[WHAT IS EXPECTED]: Reproduce the listing that follows word for word, without its pictures.

(DATA FOR THIS TASK Opens)

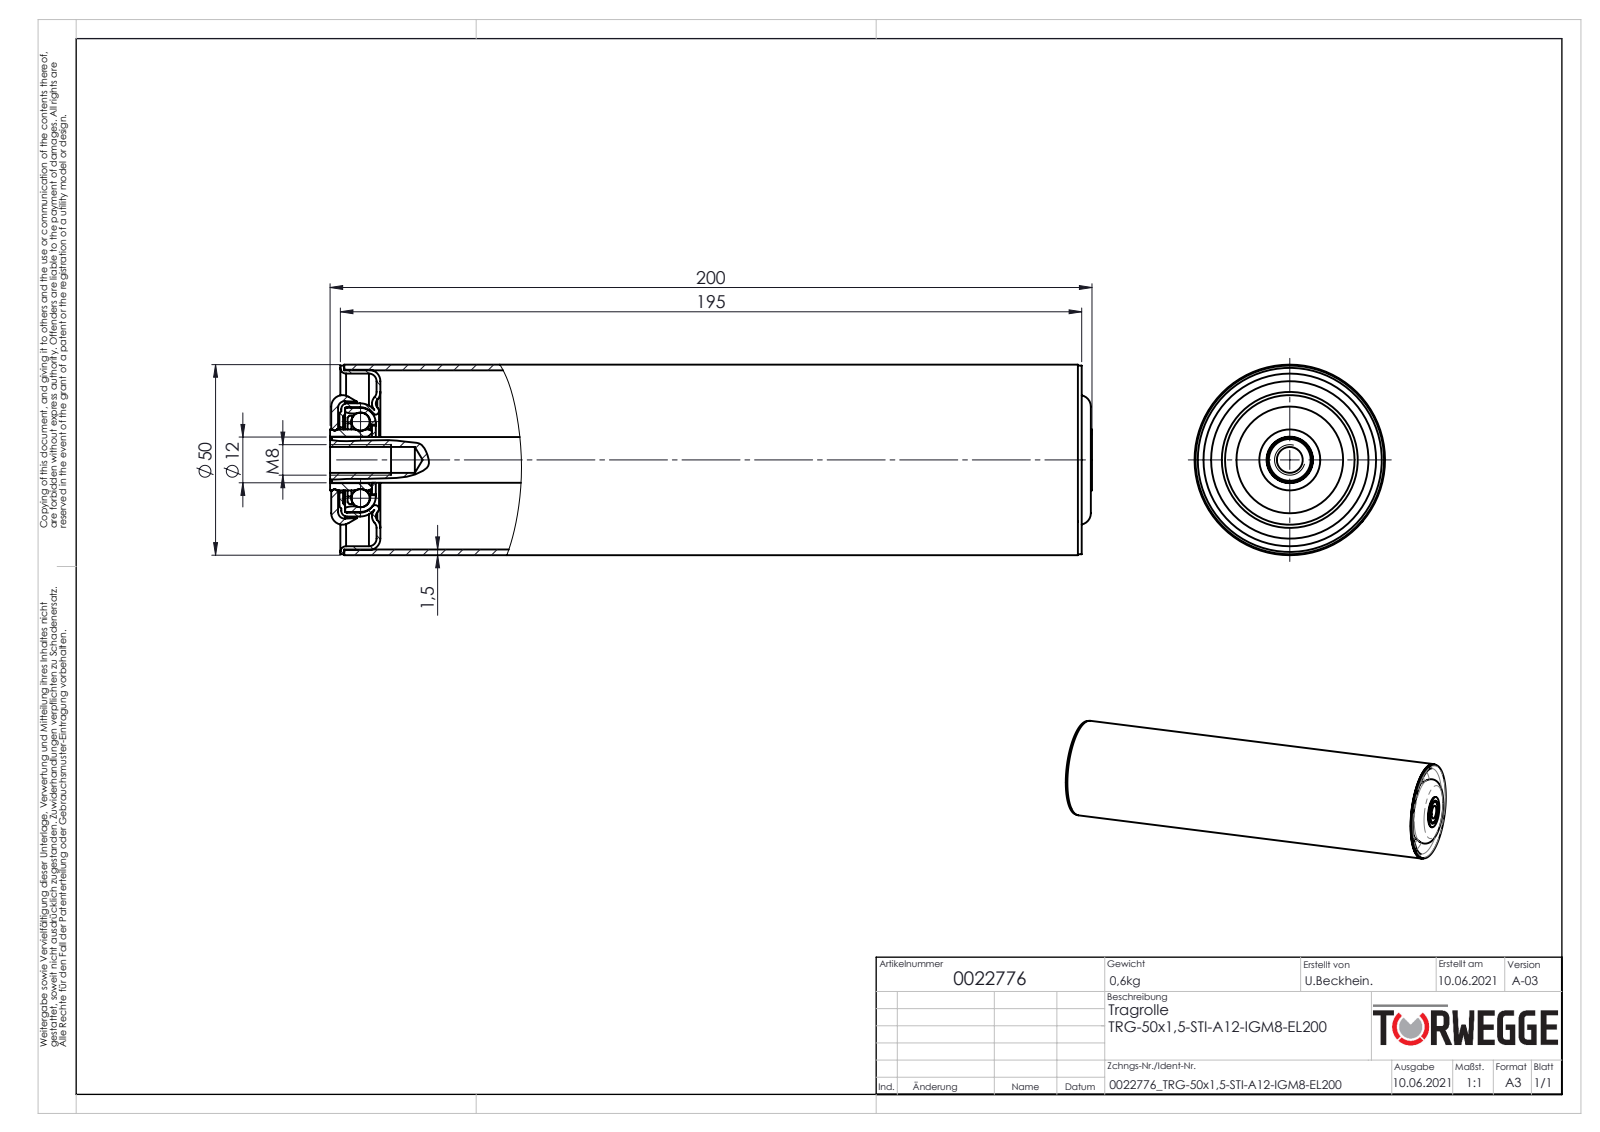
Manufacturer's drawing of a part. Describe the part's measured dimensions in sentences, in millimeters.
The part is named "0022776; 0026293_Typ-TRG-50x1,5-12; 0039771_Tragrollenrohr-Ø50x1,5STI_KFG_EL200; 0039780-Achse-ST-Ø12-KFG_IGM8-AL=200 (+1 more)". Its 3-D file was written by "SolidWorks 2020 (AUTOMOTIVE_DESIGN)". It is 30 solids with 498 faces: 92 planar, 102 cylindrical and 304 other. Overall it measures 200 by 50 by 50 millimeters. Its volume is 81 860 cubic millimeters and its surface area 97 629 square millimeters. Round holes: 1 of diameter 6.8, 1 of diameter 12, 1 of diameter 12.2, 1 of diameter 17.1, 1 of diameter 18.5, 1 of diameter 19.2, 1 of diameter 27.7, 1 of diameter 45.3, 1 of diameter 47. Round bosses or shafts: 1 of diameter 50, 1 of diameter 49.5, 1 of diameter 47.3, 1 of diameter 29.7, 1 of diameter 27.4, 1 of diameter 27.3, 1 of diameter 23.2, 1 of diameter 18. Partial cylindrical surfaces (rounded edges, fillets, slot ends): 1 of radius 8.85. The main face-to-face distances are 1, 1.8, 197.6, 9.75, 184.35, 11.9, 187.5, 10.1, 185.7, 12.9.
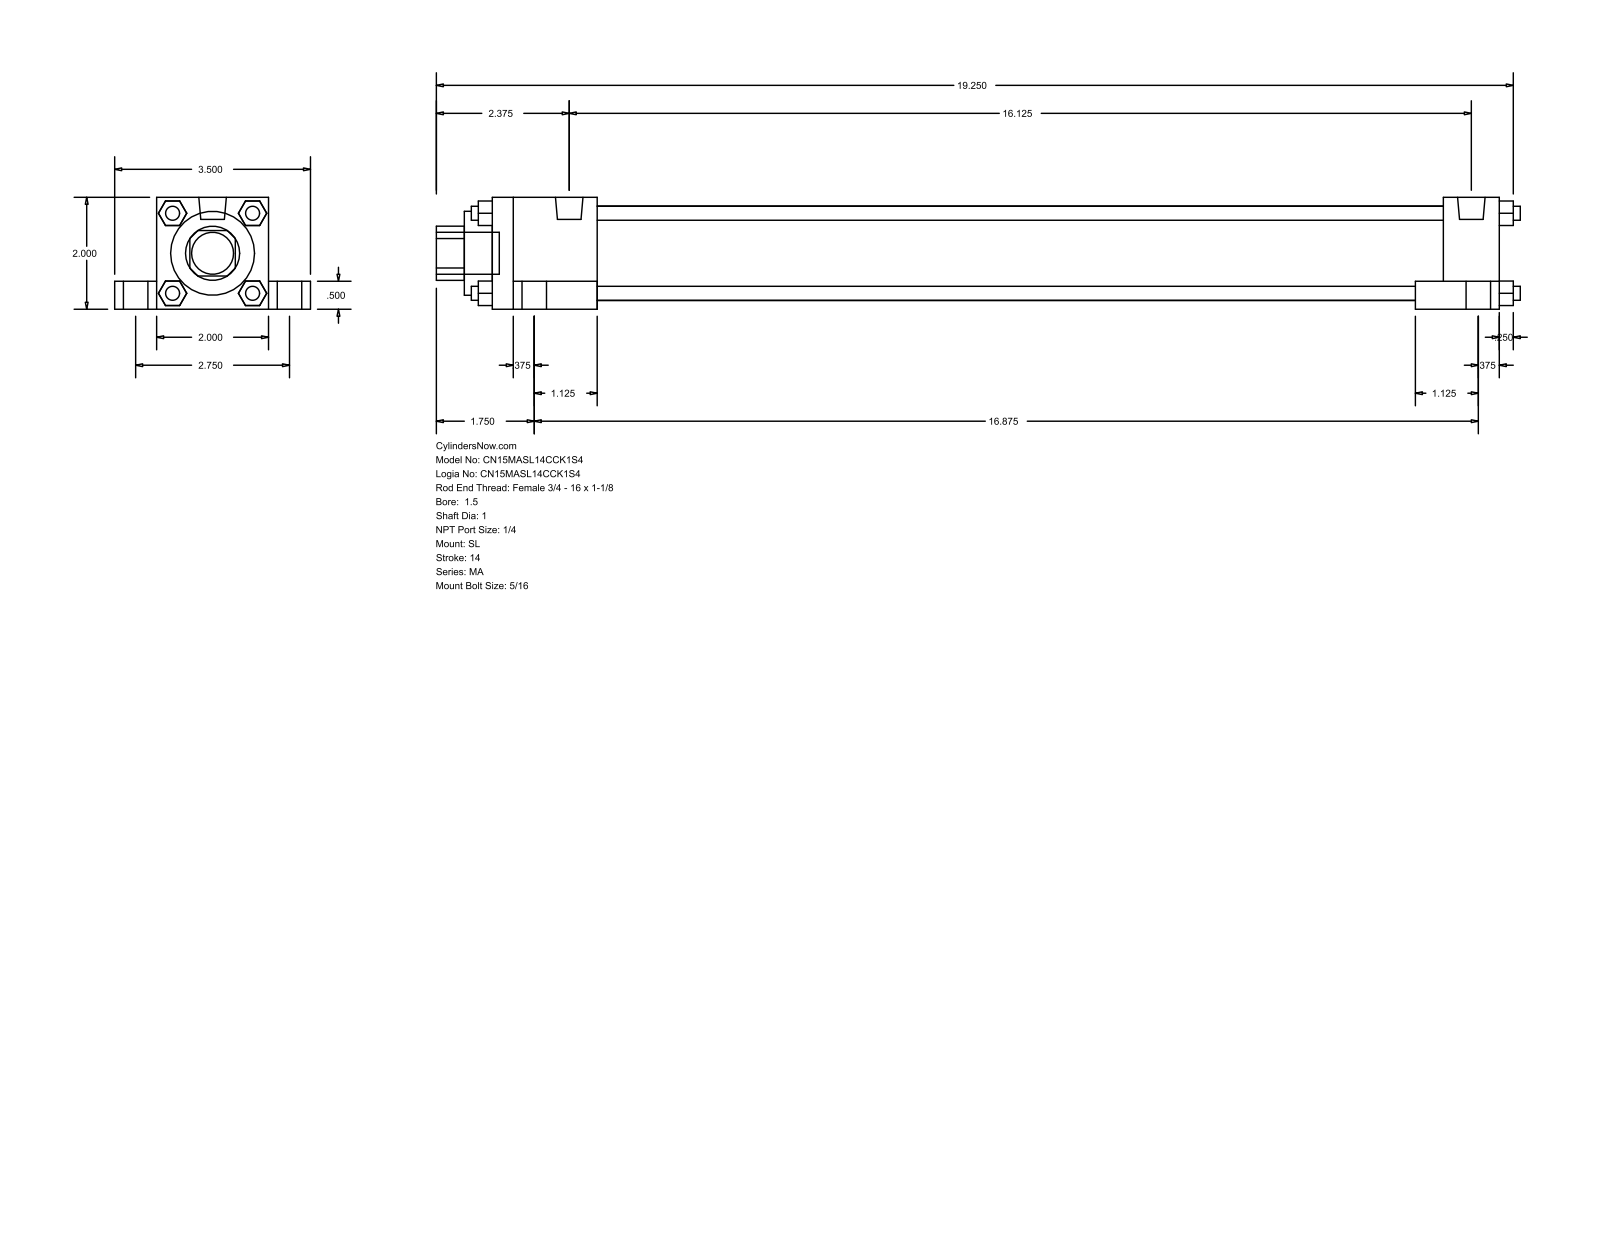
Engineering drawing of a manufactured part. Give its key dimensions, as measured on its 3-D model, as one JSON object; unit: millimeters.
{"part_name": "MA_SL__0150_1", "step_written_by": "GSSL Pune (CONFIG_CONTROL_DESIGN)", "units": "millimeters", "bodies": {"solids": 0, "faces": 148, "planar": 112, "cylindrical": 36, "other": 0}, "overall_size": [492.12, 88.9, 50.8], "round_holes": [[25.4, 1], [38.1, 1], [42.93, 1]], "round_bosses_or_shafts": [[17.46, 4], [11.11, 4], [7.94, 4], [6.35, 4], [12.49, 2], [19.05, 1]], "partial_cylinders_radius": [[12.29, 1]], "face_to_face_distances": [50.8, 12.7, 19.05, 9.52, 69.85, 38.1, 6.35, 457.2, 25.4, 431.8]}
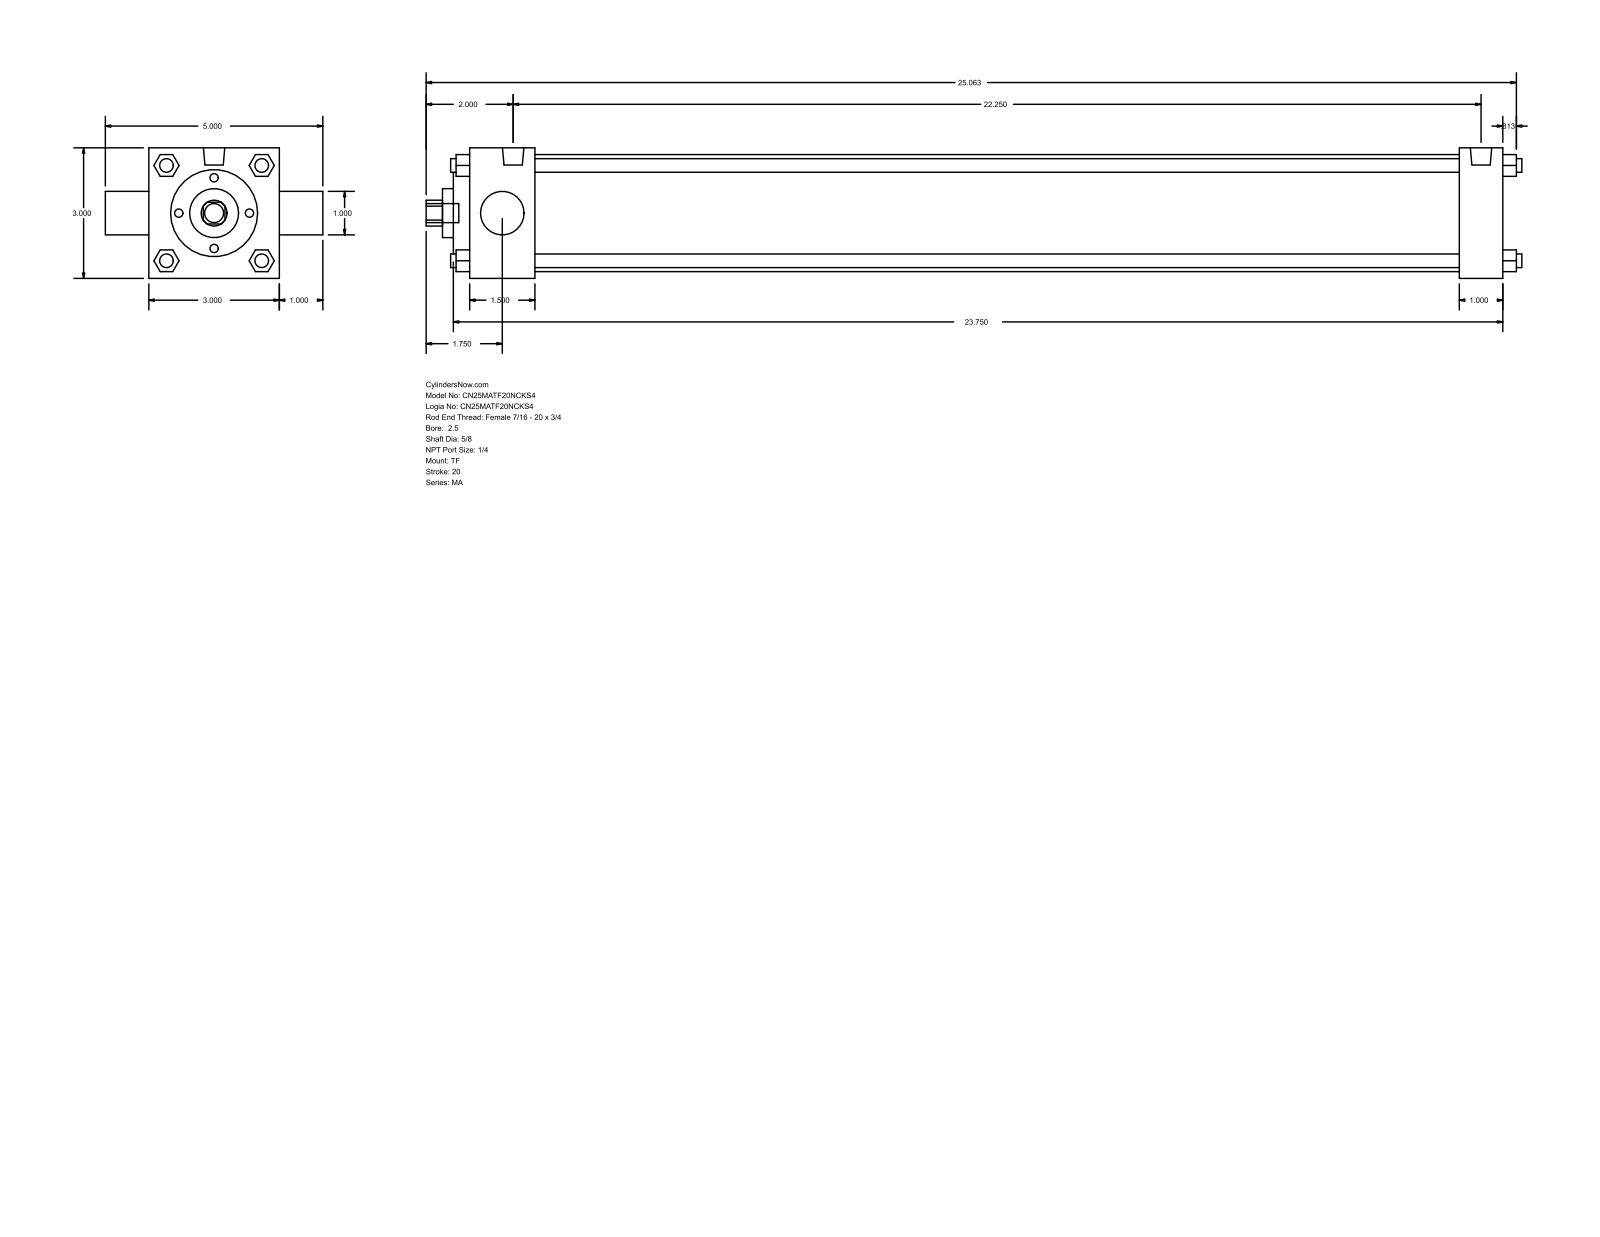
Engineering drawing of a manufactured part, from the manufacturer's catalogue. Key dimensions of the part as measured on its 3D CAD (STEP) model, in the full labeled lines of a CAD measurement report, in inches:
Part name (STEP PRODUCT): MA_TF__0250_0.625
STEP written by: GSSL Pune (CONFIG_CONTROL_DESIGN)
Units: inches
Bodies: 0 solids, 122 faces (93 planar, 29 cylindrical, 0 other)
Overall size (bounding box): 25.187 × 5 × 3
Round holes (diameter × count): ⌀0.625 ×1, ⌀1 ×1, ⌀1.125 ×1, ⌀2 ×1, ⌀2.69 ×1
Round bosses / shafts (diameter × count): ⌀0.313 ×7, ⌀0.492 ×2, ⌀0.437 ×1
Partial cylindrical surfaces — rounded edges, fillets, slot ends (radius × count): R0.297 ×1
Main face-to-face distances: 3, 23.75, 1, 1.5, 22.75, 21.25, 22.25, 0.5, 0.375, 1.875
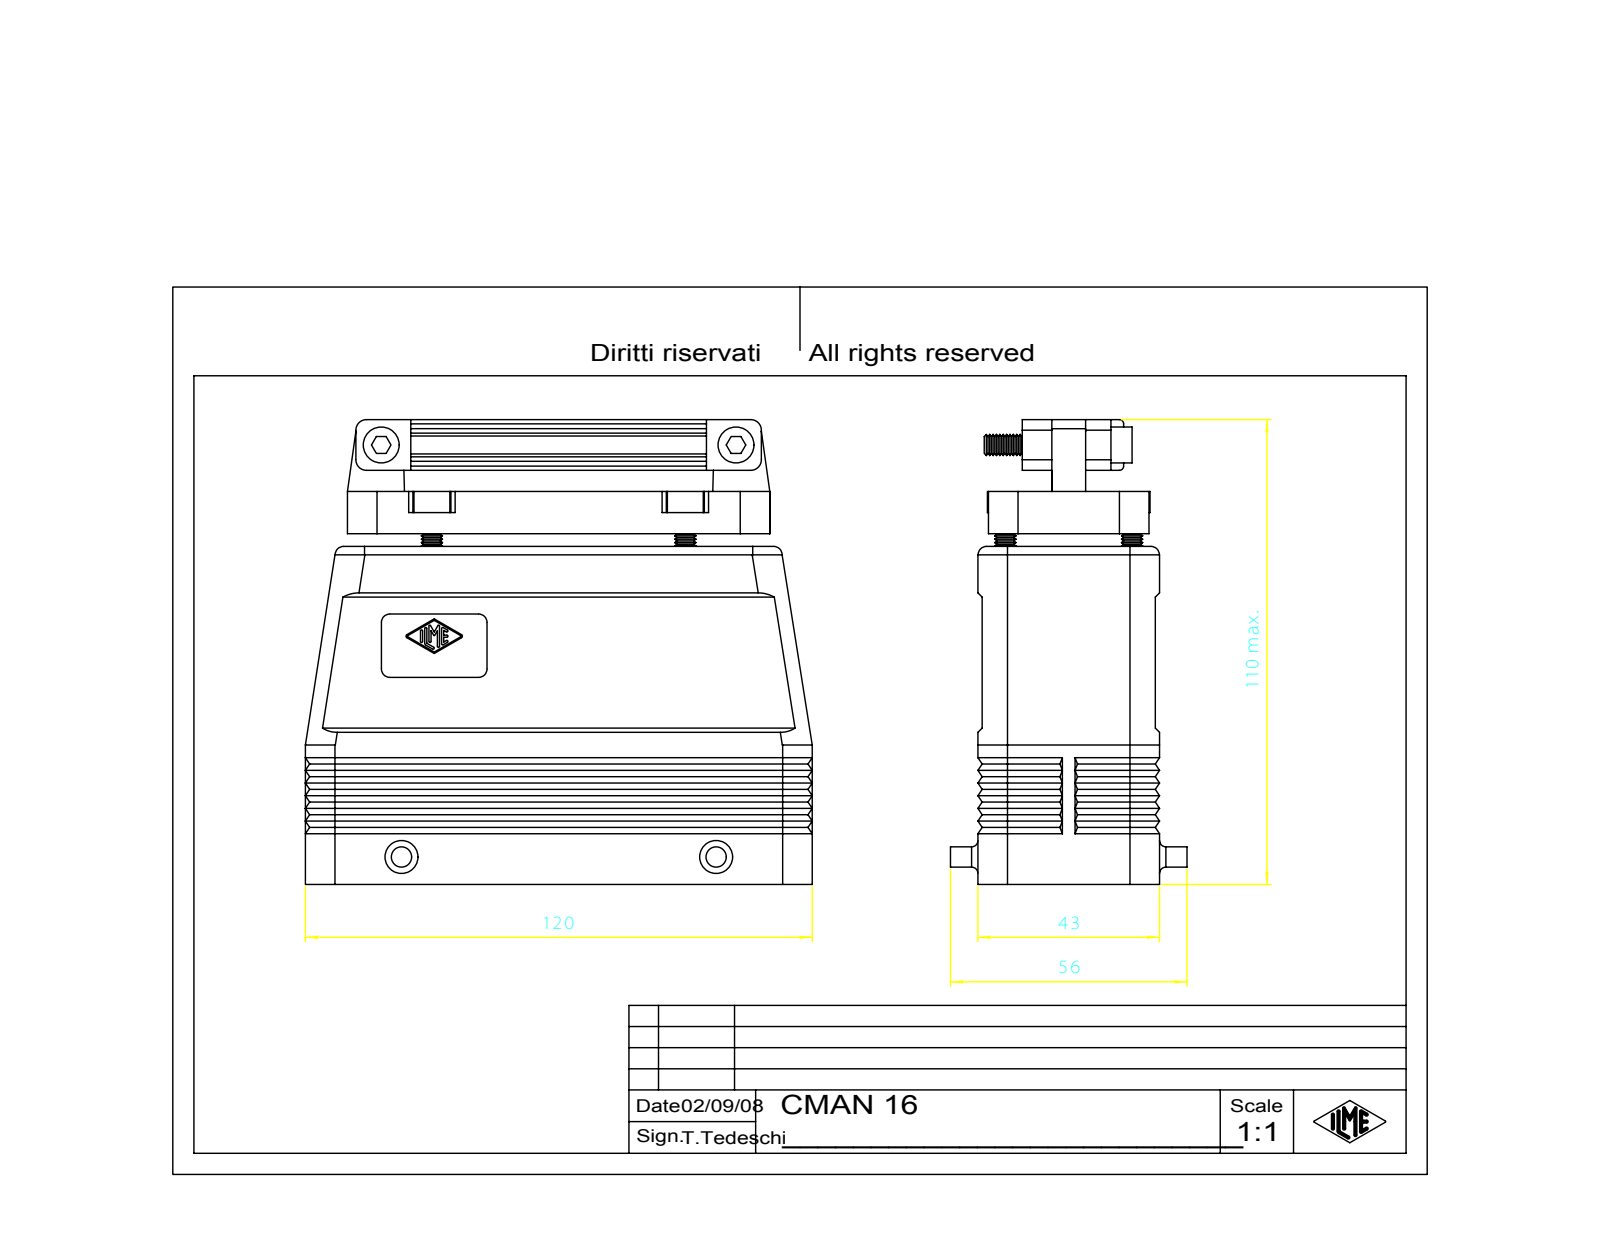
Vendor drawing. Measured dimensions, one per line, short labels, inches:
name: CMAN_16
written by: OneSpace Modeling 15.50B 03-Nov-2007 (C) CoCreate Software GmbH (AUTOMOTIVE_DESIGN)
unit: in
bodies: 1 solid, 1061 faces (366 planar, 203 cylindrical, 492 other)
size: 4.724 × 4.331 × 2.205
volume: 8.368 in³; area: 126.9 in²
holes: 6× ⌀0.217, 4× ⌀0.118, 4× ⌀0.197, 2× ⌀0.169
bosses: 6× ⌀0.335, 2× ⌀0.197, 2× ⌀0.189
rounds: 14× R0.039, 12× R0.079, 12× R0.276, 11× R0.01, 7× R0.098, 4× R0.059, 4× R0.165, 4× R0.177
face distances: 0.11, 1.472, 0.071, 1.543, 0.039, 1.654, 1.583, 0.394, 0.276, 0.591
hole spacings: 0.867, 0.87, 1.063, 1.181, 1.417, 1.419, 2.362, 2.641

(DATA FOR THIS TASK Closes)

[ANSWER TO THE PROBLEM]:
Manufacturer's drawing of a part. Describe the part's measured dimensions in sentences, in millimeters.
The part is named "0022776; 0026293_Typ-TRG-50x1,5-12; 0039771_Tragrollenrohr-Ø50x1,5STI_KFG_EL200; 0039780-Achse-ST-Ø12-KFG_IGM8-AL=200 (+1 more)". Its 3-D file was written by "SolidWorks 2020 (AUTOMOTIVE_DESIGN)". It is 30 solids with 498 faces: 92 planar, 102 cylindrical and 304 other. Overall it measures 200 by 50 by 50 millimeters. Its volume is 81 860 cubic millimeters and its surface area 97 629 square millimeters. Round holes: 1 of diameter 6.8, 1 of diameter 12, 1 of diameter 12.2, 1 of diameter 17.1, 1 of diameter 18.5, 1 of diameter 19.2, 1 of diameter 27.7, 1 of diameter 45.3, 1 of diameter 47. Round bosses or shafts: 1 of diameter 50, 1 of diameter 49.5, 1 of diameter 47.3, 1 of diameter 29.7, 1 of diameter 27.4, 1 of diameter 27.3, 1 of diameter 23.2, 1 of diameter 18. Partial cylindrical surfaces (rounded edges, fillets, slot ends): 1 of radius 8.85. The main face-to-face distances are 1, 1.8, 197.6, 9.75, 184.35, 11.9, 187.5, 10.1, 185.7, 12.9.
Engineering drawing of a manufactured part. Give its key dimensions, as measured on its 3-D model, as one JSON object; unit: millimeters.
{"part_name": "MA_SL__0150_1", "step_written_by": "GSSL Pune (CONFIG_CONTROL_DESIGN)", "units": "millimeters", "bodies": {"solids": 0, "faces": 148, "planar": 112, "cylindrical": 36, "other": 0}, "overall_size": [492.12, 88.9, 50.8], "round_holes": [[25.4, 1], [38.1, 1], [42.93, 1]], "round_bosses_or_shafts": [[17.46, 4], [11.11, 4], [7.94, 4], [6.35, 4], [12.49, 2], [19.05, 1]], "partial_cylinders_radius": [[12.29, 1]], "face_to_face_distances": [50.8, 12.7, 19.05, 9.52, 69.85, 38.1, 6.35, 457.2, 25.4, 431.8]}
Engineering drawing of a manufactured part, from the manufacturer's catalogue. Key dimensions of the part as measured on its 3D CAD (STEP) model, in the full labeled lines of a CAD measurement report, in inches:
Part name (STEP PRODUCT): MA_TF__0250_0.625
STEP written by: GSSL Pune (CONFIG_CONTROL_DESIGN)
Units: inches
Bodies: 0 solids, 122 faces (93 planar, 29 cylindrical, 0 other)
Overall size (bounding box): 25.187 × 5 × 3
Round holes (diameter × count): ⌀0.625 ×1, ⌀1 ×1, ⌀1.125 ×1, ⌀2 ×1, ⌀2.69 ×1
Round bosses / shafts (diameter × count): ⌀0.313 ×7, ⌀0.492 ×2, ⌀0.437 ×1
Partial cylindrical surfaces — rounded edges, fillets, slot ends (radius × count): R0.297 ×1
Main face-to-face distances: 3, 23.75, 1, 1.5, 22.75, 21.25, 22.25, 0.5, 0.375, 1.875
Vendor drawing. Measured dimensions, one per line, short labels, inches:
name: CMAN_16
written by: OneSpace Modeling 15.50B 03-Nov-2007 (C) CoCreate Software GmbH (AUTOMOTIVE_DESIGN)
unit: in
bodies: 1 solid, 1061 faces (366 planar, 203 cylindrical, 492 other)
size: 4.724 × 4.331 × 2.205
volume: 8.368 in³; area: 126.9 in²
holes: 6× ⌀0.217, 4× ⌀0.118, 4× ⌀0.197, 2× ⌀0.169
bosses: 6× ⌀0.335, 2× ⌀0.197, 2× ⌀0.189
rounds: 14× R0.039, 12× R0.079, 12× R0.276, 11× R0.01, 7× R0.098, 4× R0.059, 4× R0.165, 4× R0.177
face distances: 0.11, 1.472, 0.071, 1.543, 0.039, 1.654, 1.583, 0.394, 0.276, 0.591
hole spacings: 0.867, 0.87, 1.063, 1.181, 1.417, 1.419, 2.362, 2.641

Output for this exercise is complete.